The second request to charge was properly refused. No contention was made that the attempt to pull the plaintiff into the elevator was actionable negligence. The claim was that while the servant was trying to do this he ought to have been attending to his business of controlling the elevator. The last request was to charge upon a question of fact, and for that reason was properly refused.
We cannot presume that the quotations from the statute made by plaintiff's counsel in his argument tended to prejudice the jury, for the court expressly charged them that they could not consider any violation of the statute as a ground of recovery, but only such allegations of negligence as were set out in the declaration; and, as we have seen, there was conclusive evidence of negligence on the part of the defendant's servant in his operation of the elevator.
The plaintiff in this case received very severe and permanent injuries, and the amount of damages assessed by the jury, though large, does not appear to us so excessive as to warrant the inference of any improper motive or state of *Page 642 mind in the jury. The principles which guide the court in reviewing the assessment of damages by a jury have been indicated too often to require repetition here.

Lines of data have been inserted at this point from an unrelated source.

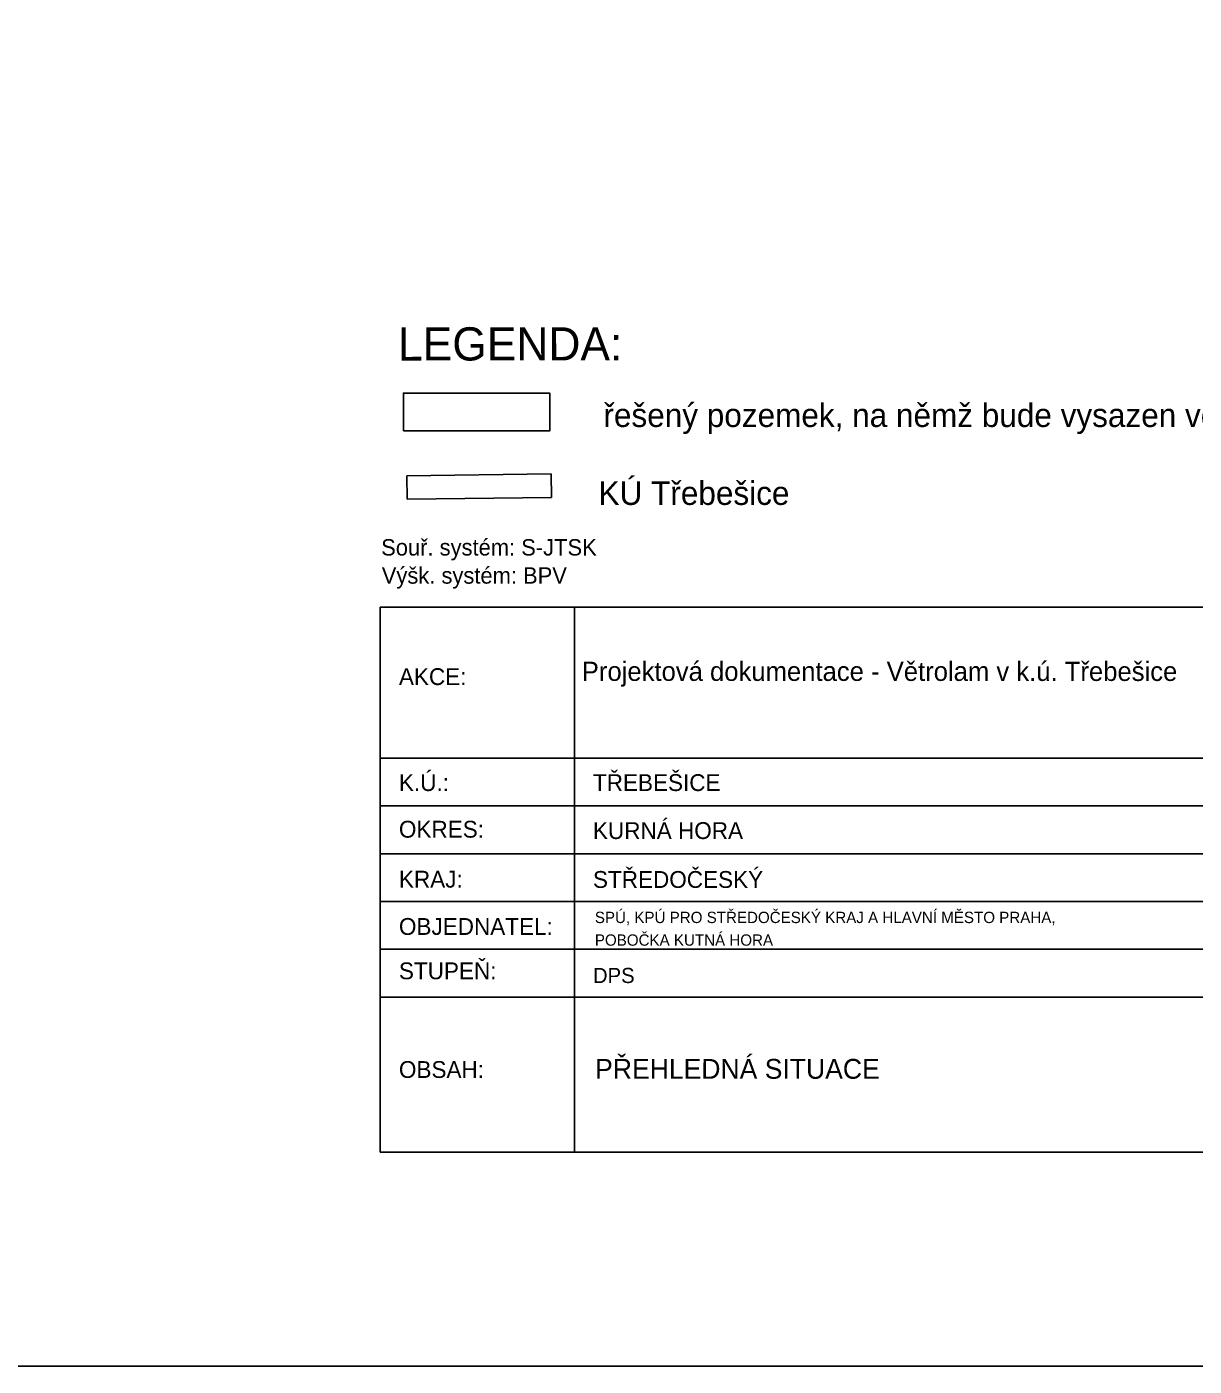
# Model space of a CAD drawing. Extents: x -680147 to -675947, y -1070829 to -1067859.
# Drawn here: x -678041 to -676747, y -1070829 to -1069344 of the extents above; entities that cross this region are included whole.
import ezdxf

# ---------------------------------------------------------------- set-up
doc = ezdxf.new("R2010")
doc.units = 0
doc.layers.add('LEGENDA', color=7, linetype='Continuous')

msp = doc.modelspace()

# ---------------------------------------------------------------- linework, layer by layer
at = {"layer": 'LEGENDA'}
for p, q in [((-677460.1, -1069839.4), (-677619.9, -1069841.4)), ((-677619.6, -1069867.6), (-677619.9, -1069841.4)), ((-677459.8, -1069865.6), (-677460.1, -1069839.4)), ((-677459.8, -1069865.6), (-677619.6, -1069867.6)), ((-677649.5, -1069987), (-676127, -1069987)), ((-677649.5, -1070591.5), (-677649.5, -1069987)), ((-677434, -1070591.5), (-677434, -1069987)), ((-677649.5, -1070154.7), (-676127, -1070154.7)), ((-677649.5, -1070207.6), (-676127, -1070207.6)), ((-677649.5, -1070260.6), (-676127, -1070260.6)), ((-677649.5, -1070313.5), (-676127, -1070313.5)), ((-677649.5, -1070366.5), (-676127, -1070366.5)), ((-677649.5, -1070419.4), (-676273.3, -1070419.4)), ((-677649.5, -1070591.5), (-676127, -1070591.5))]:
    msp.add_line(p, q, dxfattribs=at)
msp.add_lwpolyline([(-675946.7, -1070828.7), (-680146.7, -1070828.7), (-680146.7, -1067858.7), (-675946.7, -1067858.7)], close=True, dxfattribs=at)
for points in [[(-677623.8, -1069791.8), (-677461.7, -1069791.8), (-677461.7, -1069749.8), (-677623.8, -1069749.8), (-677623.8, -1069791.8)], [(-677461.7, -1069749.8), (-677623.8, -1069749.8), (-677623.8, -1069791.8)], [(-677623.8, -1069791.8), (-677461.7, -1069791.8), (-677461.7, -1069749.8)]]:
    msp.add_lwpolyline(points, dxfattribs=at)

# ---------------------------------------------------------------- texts
for s, height, rotation, p in [('LEGENDA:', 36.77, 0.0213, (-677629.8, -1069713.7)), ('řešený pozemek, na němž bude vysazen větrolam', 26.125, 359.9984, (-677402.1, -1069787.4)), ('KÚ Třebešice', 26.125, 359.9984, (-677407.5, -1069873.8)), ('Souř. systém: S-JTSK', 18.168, 0, (-677648.5, -1069929.9)), ('Výšk. systém: BPV', 18.168, 0, (-677647.8, -1069961.1)), ('Projektová dokumentace - Větrolam v k.ú. Třebešice', 21.25, 359.9942, (-677426.1, -1070068.9)), ('AKCE:', 18.66, 0, (-677628.8, -1070073.5)), ('K.Ú.:', 18.66, 0, (-677628.8, -1070191)), ('TŘEBEŠICE', 18.66, 0, (-677413.7, -1070191)), ('OKRES:', 18.66, 0, (-677628.8, -1070242.7)), ('KURNÁ HORA', 18.66, 0, (-677413.7, -1070244.2)), ('KRAJ:', 18.66, 0, (-677628.8, -1070298.1)), ('STŘEDOČESKÝ', 18.663, 0, (-677413.7, -1070298.4)), ('SPÚ, KPÚ PRO STŘEDOČESKÝ KRAJ A HLAVNÍ MĚSTO PRAHA, ', 12.542, 0, (-677411.6, -1070337.4)), ('OBJEDNATEL:', 18.663, 0, (-677628.8, -1070350.5)), ('POBOČKA KUTNÁ HORA', 12.542, 0, (-677411.6, -1070362.5)), ('STUPEŇ:', 18.66, 0, (-677628.8, -1070399.7)), ('DPS', 16.8, 0, (-677413.7, -1070403.9)), ('OBSAH:', 18.66, 0, (-677628.8, -1070509.1)), ('PŘEHLEDNÁ SITUACE', 22, 359.9942, (-677411.3, -1070510))]:
    msp.add_text(s, height=height, rotation=rotation, dxfattribs=at).set_placement(p)

doc.saveas('drawing.dxf')

Mulvey v. R.I. Locomotive Works, 14 R.I. 204; Boss v.Prov. Wor. R.R. Co., 15 R.I. 149; Luft v. Lingane,17 R.I. 420; Elliott v. Newport S.R. Co., 18 R.I. 707; McGowan v. Interstate c. Ry. Co., 20 R.I. 264; Stone v. Pendleton,21 R.I. 332; Swanson v. Union R.R. Co., 22 R.I. 122;McDonald v. Postal Tel. Co., 22 R.I. 131.
The petition for a new trial is denied, and the case is ordered to be remitted to the Common Pleas Division for judgment on the verdict.